* [What you will do] What is needed is an exact copy of the data that follows.

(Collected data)
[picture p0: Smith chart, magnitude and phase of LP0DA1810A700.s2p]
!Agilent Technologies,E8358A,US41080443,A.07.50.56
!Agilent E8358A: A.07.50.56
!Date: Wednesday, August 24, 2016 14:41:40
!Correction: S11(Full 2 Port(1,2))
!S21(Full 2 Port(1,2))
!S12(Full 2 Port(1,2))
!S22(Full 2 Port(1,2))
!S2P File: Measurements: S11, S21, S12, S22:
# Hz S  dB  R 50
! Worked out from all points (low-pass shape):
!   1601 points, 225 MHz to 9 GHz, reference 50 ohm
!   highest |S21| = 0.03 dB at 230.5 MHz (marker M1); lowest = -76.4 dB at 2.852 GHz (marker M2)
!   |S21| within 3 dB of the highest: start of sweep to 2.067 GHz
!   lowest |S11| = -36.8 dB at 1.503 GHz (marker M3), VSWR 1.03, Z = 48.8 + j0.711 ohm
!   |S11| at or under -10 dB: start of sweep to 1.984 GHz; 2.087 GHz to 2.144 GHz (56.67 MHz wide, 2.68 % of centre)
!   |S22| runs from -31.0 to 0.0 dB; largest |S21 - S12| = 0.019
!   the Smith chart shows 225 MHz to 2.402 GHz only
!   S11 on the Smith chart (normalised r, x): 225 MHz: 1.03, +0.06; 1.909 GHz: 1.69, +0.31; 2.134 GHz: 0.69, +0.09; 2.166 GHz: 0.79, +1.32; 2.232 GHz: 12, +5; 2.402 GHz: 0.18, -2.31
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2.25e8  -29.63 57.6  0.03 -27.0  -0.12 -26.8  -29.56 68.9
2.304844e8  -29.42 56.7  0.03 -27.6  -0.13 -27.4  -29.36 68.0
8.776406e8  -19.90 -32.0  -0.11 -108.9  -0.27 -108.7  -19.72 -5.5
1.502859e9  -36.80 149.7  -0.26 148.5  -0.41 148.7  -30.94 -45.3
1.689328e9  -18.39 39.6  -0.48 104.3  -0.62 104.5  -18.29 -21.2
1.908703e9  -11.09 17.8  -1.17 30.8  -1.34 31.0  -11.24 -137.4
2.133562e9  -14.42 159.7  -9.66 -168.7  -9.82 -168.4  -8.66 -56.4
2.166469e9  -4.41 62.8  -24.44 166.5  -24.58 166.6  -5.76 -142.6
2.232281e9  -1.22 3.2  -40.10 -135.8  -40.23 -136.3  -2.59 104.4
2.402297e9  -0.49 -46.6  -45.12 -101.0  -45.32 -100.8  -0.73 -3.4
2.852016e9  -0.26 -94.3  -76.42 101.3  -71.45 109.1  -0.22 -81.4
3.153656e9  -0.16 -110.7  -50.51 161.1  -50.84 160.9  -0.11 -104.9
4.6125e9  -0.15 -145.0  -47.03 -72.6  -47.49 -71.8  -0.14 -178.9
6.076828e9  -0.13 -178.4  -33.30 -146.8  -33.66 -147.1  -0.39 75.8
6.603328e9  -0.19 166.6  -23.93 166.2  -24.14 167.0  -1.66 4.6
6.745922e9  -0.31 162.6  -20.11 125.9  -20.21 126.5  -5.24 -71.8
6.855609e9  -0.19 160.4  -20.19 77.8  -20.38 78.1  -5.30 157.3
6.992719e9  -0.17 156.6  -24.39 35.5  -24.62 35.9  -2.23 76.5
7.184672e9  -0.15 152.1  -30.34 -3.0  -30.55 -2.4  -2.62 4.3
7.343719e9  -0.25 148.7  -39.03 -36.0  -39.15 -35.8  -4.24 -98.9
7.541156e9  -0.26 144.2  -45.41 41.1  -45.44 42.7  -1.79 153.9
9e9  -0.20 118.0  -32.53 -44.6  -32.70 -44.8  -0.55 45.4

* [Response for this exercise]
[picture p0: Smith chart, magnitude and phase of LP0DA1810A700.s2p]
!Agilent Technologies,E8358A,US41080443,A.07.50.56
!Agilent E8358A: A.07.50.56
!Date: Wednesday, August 24, 2016 14:41:40
!Correction: S11(Full 2 Port(1,2))
!S21(Full 2 Port(1,2))
!S12(Full 2 Port(1,2))
!S22(Full 2 Port(1,2))
!S2P File: Measurements: S11, S21, S12, S22:
# Hz S  dB  R 50
! Worked out from all points (low-pass shape):
!   1601 points, 225 MHz to 9 GHz, reference 50 ohm
!   highest |S21| = 0.03 dB at 230.5 MHz (marker M1); lowest = -76.4 dB at 2.852 GHz (marker M2)
!   |S21| within 3 dB of the highest: start of sweep to 2.067 GHz
!   lowest |S11| = -36.8 dB at 1.503 GHz (marker M3), VSWR 1.03, Z = 48.8 + j0.711 ohm
!   |S11| at or under -10 dB: start of sweep to 1.984 GHz; 2.087 GHz to 2.144 GHz (56.67 MHz wide, 2.68 % of centre)
!   |S22| runs from -31.0 to 0.0 dB; largest |S21 - S12| = 0.019
!   the Smith chart shows 225 MHz to 2.402 GHz only
!   S11 on the Smith chart (normalised r, x): 225 MHz: 1.03, +0.06; 1.909 GHz: 1.69, +0.31; 2.134 GHz: 0.69, +0.09; 2.166 GHz: 0.79, +1.32; 2.232 GHz: 12, +5; 2.402 GHz: 0.18, -2.31
2.25e8  -29.63 57.6  0.03 -27.0  -0.12 -26.8  -29.56 68.9
2.304844e8  -29.42 56.7  0.03 -27.6  -0.13 -27.4  -29.36 68.0
8.776406e8  -19.90 -32.0  -0.11 -108.9  -0.27 -108.7  -19.72 -5.5
1.502859e9  -36.80 149.7  -0.26 148.5  -0.41 148.7  -30.94 -45.3
1.689328e9  -18.39 39.6  -0.48 104.3  -0.62 104.5  -18.29 -21.2
1.908703e9  -11.09 17.8  -1.17 30.8  -1.34 31.0  -11.24 -137.4
2.133562e9  -14.42 159.7  -9.66 -168.7  -9.82 -168.4  -8.66 -56.4
2.166469e9  -4.41 62.8  -24.44 166.5  -24.58 166.6  -5.76 -142.6
2.232281e9  -1.22 3.2  -40.10 -135.8  -40.23 -136.3  -2.59 104.4
2.402297e9  -0.49 -46.6  -45.12 -101.0  -45.32 -100.8  -0.73 -3.4
2.852016e9  -0.26 -94.3  -76.42 101.3  -71.45 109.1  -0.22 -81.4
3.153656e9  -0.16 -110.7  -50.51 161.1  -50.84 160.9  -0.11 -104.9
4.6125e9  -0.15 -145.0  -47.03 -72.6  -47.49 -71.8  -0.14 -178.9
6.076828e9  -0.13 -178.4  -33.30 -146.8  -33.66 -147.1  -0.39 75.8
6.603328e9  -0.19 166.6  -23.93 166.2  -24.14 167.0  -1.66 4.6
6.745922e9  -0.31 162.6  -20.11 125.9  -20.21 126.5  -5.24 -71.8
6.855609e9  -0.19 160.4  -20.19 77.8  -20.38 78.1  -5.30 157.3
6.992719e9  -0.17 156.6  -24.39 35.5  -24.62 35.9  -2.23 76.5
7.184672e9  -0.15 152.1  -30.34 -3.0  -30.55 -2.4  -2.62 4.3
7.343719e9  -0.25 148.7  -39.03 -36.0  -39.15 -35.8  -4.24 -98.9
7.541156e9  -0.26 144.2  -45.41 41.1  -45.44 42.7  -1.79 153.9
9e9  -0.20 118.0  -32.53 -44.6  -32.70 -44.8  -0.55 45.4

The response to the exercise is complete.